* **Requirement**: Copy out the data below from the line containing "## iProperties" to the line containing "[diagram p0: CT_schema_6.SchDoc]", both lines included, with all images left out.

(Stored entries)
---*---

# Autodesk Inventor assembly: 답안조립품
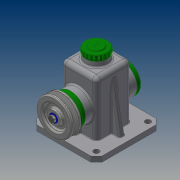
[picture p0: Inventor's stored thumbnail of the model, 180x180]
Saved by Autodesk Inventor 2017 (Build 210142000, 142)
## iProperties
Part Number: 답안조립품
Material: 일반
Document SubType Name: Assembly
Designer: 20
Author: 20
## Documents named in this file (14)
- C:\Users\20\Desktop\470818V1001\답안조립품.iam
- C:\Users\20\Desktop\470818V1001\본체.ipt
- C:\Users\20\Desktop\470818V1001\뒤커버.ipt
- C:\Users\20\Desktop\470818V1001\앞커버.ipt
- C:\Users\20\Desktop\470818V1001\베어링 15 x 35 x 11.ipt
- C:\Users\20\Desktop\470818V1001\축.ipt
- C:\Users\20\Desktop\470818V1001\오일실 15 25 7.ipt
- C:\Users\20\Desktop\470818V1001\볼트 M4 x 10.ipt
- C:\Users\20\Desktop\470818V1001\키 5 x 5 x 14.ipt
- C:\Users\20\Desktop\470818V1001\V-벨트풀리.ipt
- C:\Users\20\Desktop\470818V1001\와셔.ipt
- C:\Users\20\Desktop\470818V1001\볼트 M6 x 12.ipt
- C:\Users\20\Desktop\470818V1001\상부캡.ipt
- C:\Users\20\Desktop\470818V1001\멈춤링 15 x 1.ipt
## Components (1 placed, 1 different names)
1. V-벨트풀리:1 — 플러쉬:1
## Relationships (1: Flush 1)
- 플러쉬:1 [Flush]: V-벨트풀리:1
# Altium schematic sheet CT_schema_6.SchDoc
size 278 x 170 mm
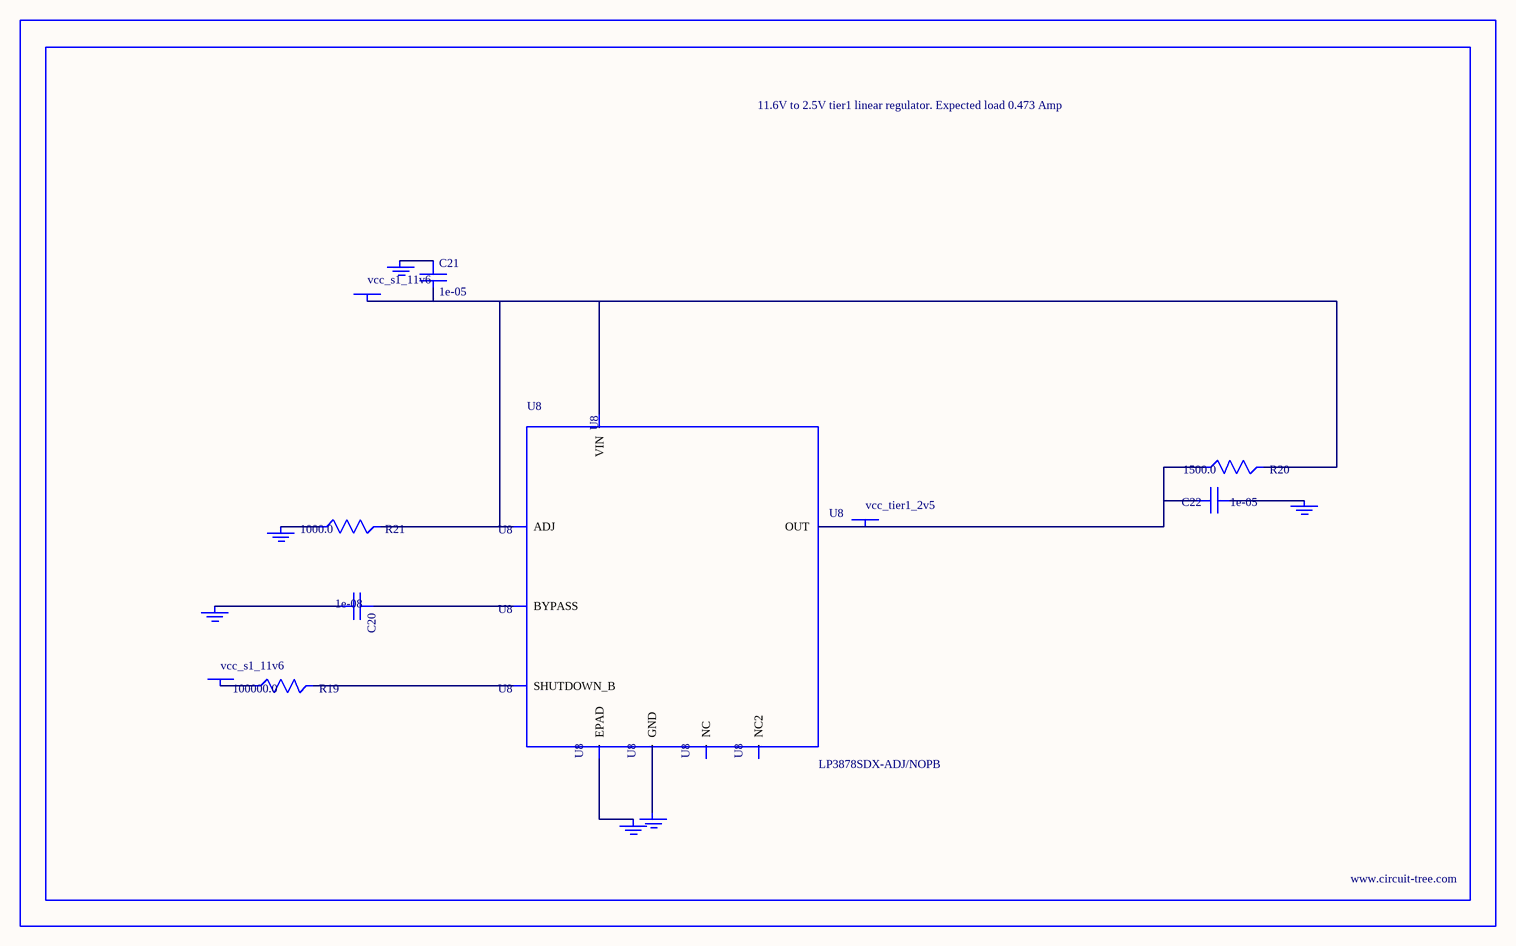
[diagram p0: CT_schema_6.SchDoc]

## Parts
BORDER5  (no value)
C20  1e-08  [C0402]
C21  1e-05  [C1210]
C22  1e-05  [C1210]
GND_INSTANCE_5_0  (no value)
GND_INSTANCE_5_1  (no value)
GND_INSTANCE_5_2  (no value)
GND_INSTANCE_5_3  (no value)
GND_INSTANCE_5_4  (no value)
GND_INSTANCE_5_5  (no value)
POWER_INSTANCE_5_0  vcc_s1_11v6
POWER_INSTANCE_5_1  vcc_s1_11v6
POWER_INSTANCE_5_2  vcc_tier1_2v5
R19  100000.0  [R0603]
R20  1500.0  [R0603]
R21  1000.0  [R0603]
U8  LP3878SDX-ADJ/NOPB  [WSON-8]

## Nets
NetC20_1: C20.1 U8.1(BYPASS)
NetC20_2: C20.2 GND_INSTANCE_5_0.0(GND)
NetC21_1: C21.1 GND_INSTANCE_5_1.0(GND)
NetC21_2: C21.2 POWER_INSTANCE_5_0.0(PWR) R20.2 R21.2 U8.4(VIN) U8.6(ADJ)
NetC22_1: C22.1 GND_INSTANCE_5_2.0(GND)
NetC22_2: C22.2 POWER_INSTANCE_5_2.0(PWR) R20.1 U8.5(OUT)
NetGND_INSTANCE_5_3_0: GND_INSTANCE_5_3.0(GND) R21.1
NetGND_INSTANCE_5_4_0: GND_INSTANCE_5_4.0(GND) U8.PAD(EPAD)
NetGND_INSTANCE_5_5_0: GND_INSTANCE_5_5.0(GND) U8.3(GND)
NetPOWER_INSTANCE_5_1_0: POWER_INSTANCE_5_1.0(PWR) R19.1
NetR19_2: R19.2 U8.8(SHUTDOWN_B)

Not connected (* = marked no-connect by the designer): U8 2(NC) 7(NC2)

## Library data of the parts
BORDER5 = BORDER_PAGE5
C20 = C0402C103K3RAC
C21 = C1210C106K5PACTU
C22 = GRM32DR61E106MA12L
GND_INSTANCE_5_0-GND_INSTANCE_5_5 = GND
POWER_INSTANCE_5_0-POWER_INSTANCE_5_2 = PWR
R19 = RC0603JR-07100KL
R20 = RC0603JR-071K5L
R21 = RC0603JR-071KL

---*---

* **Expected output**:
## iProperties
Part Number: 답안조립품
Material: 일반
Document SubType Name: Assembly
Designer: 20
Author: 20
## Documents named in this file (14)
- C:\Users\20\Desktop\470818V1001\답안조립품.iam
- C:\Users\20\Desktop\470818V1001\본체.ipt
- C:\Users\20\Desktop\470818V1001\뒤커버.ipt
- C:\Users\20\Desktop\470818V1001\앞커버.ipt
- C:\Users\20\Desktop\470818V1001\베어링 15 x 35 x 11.ipt
- C:\Users\20\Desktop\470818V1001\축.ipt
- C:\Users\20\Desktop\470818V1001\오일실 15 25 7.ipt
- C:\Users\20\Desktop\470818V1001\볼트 M4 x 10.ipt
- C:\Users\20\Desktop\470818V1001\키 5 x 5 x 14.ipt
- C:\Users\20\Desktop\470818V1001\V-벨트풀리.ipt
- C:\Users\20\Desktop\470818V1001\와셔.ipt
- C:\Users\20\Desktop\470818V1001\볼트 M6 x 12.ipt
- C:\Users\20\Desktop\470818V1001\상부캡.ipt
- C:\Users\20\Desktop\470818V1001\멈춤링 15 x 1.ipt
## Components (1 placed, 1 different names)
1. V-벨트풀리:1 — 플러쉬:1
## Relationships (1: Flush 1)
- 플러쉬:1 [Flush]: V-벨트풀리:1
# Altium schematic sheet CT_schema_6.SchDoc
size 278 x 170 mm
[diagram p0: CT_schema_6.SchDoc]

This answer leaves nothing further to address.